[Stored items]
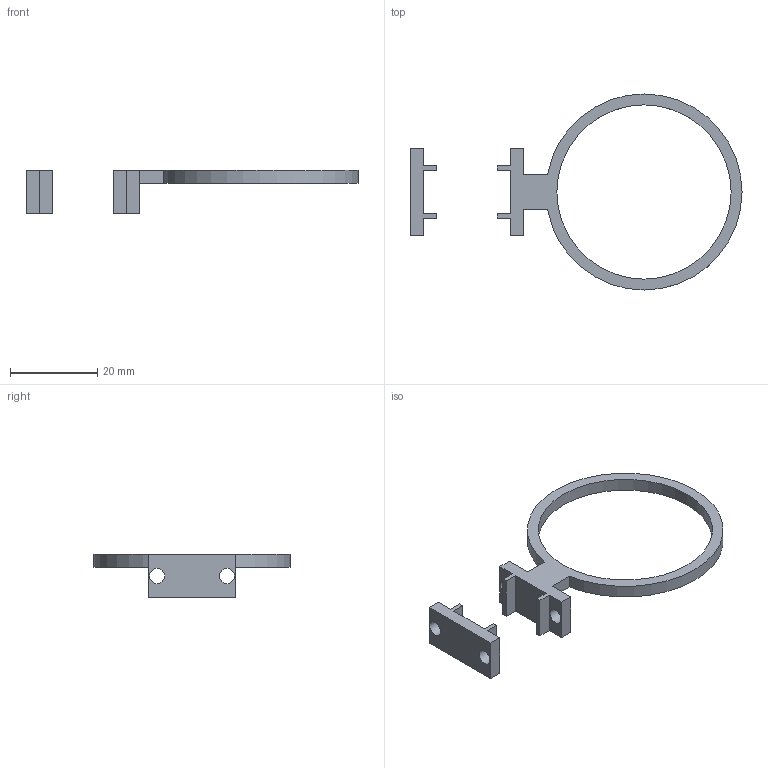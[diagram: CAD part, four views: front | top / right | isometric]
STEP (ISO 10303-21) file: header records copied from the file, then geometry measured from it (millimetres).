
FILE_DESCRIPTION(/* description */ (''),/* implementation_level */ '2;1');
FILE_NAME(/* name */ 'blind_adapter v3.step',/* time_stamp */ '2026-04-10T14:26:06+02:00',/* author */ (''),/* organization */ (''),/* preprocessor_version */ 'ST-DEVELOPER v20.1',/* originating_system */ 'Autodesk Translation Framework v14.24.0.0',/* authorisation */ '');
FILE_SCHEMA (('AUTOMOTIVE_DESIGN { 1 0 10303 214 3 1 1 }'));
Length unit declared in the file: millimetre
Products named in the file (1): (Niezapisany)
Bounding box: 76.21 x 45 x 10 mm (x, y, z)
Volume: 2333.9 mm3; surface area: 3018.2 mm2
Topology: 2 solids, 2 shells, 37 faces, 99 edges, 66 vertices
Faces by surface type: plane 31, cylinder 6
Full cylindrical faces by diameter (mm): 3.5 x4, 40 x1
Entity records: 1197 total; most frequent: CARTESIAN_POINT 203, ORIENTED_EDGE 198, DIRECTION 187, EDGE_CURVE 99, LINE 87, VECTOR 87, VERTEX_POINT 66, AXIS2_PLACEMENT_3D 50

▸ Problem to solve
You are asked to output the records precisely as they appear, minus any pictures.

▸ Output for this task
[diagram: CAD part, four views: front | top / right | isometric]
STEP (ISO 10303-21) file: header records copied from the file, then geometry measured from it (millimetres).
FILE_DESCRIPTION(/* description */ (''),/* implementation_level */ '2;1');
FILE_NAME(/* name */ 'blind_adapter v3.step',/* time_stamp */ '2026-04-10T14:26:06+02:00',/* author */ (''),/* organization */ (''),/* preprocessor_version */ 'ST-DEVELOPER v20.1',/* originating_system */ 'Autodesk Translation Framework v14.24.0.0',/* authorisation */ '');
FILE_SCHEMA (('AUTOMOTIVE_DESIGN { 1 0 10303 214 3 1 1 }'));
Length unit declared in the file: millimetre
Products named in the file (1): (Niezapisany)
Bounding box: 76.21 x 45 x 10 mm (x, y, z)
Volume: 2333.9 mm3; surface area: 3018.2 mm2
Topology: 2 solids, 2 shells, 37 faces, 99 edges, 66 vertices
Faces by surface type: plane 31, cylinder 6
Full cylindrical faces by diameter (mm): 3.5 x4, 40 x1
Entity records: 1197 total; most frequent: CARTESIAN_POINT 203, ORIENTED_EDGE 198, DIRECTION 187, EDGE_CURVE 99, LINE 87, VECTOR 87, VERTEX_POINT 66, AXIS2_PLACEMENT_3D 50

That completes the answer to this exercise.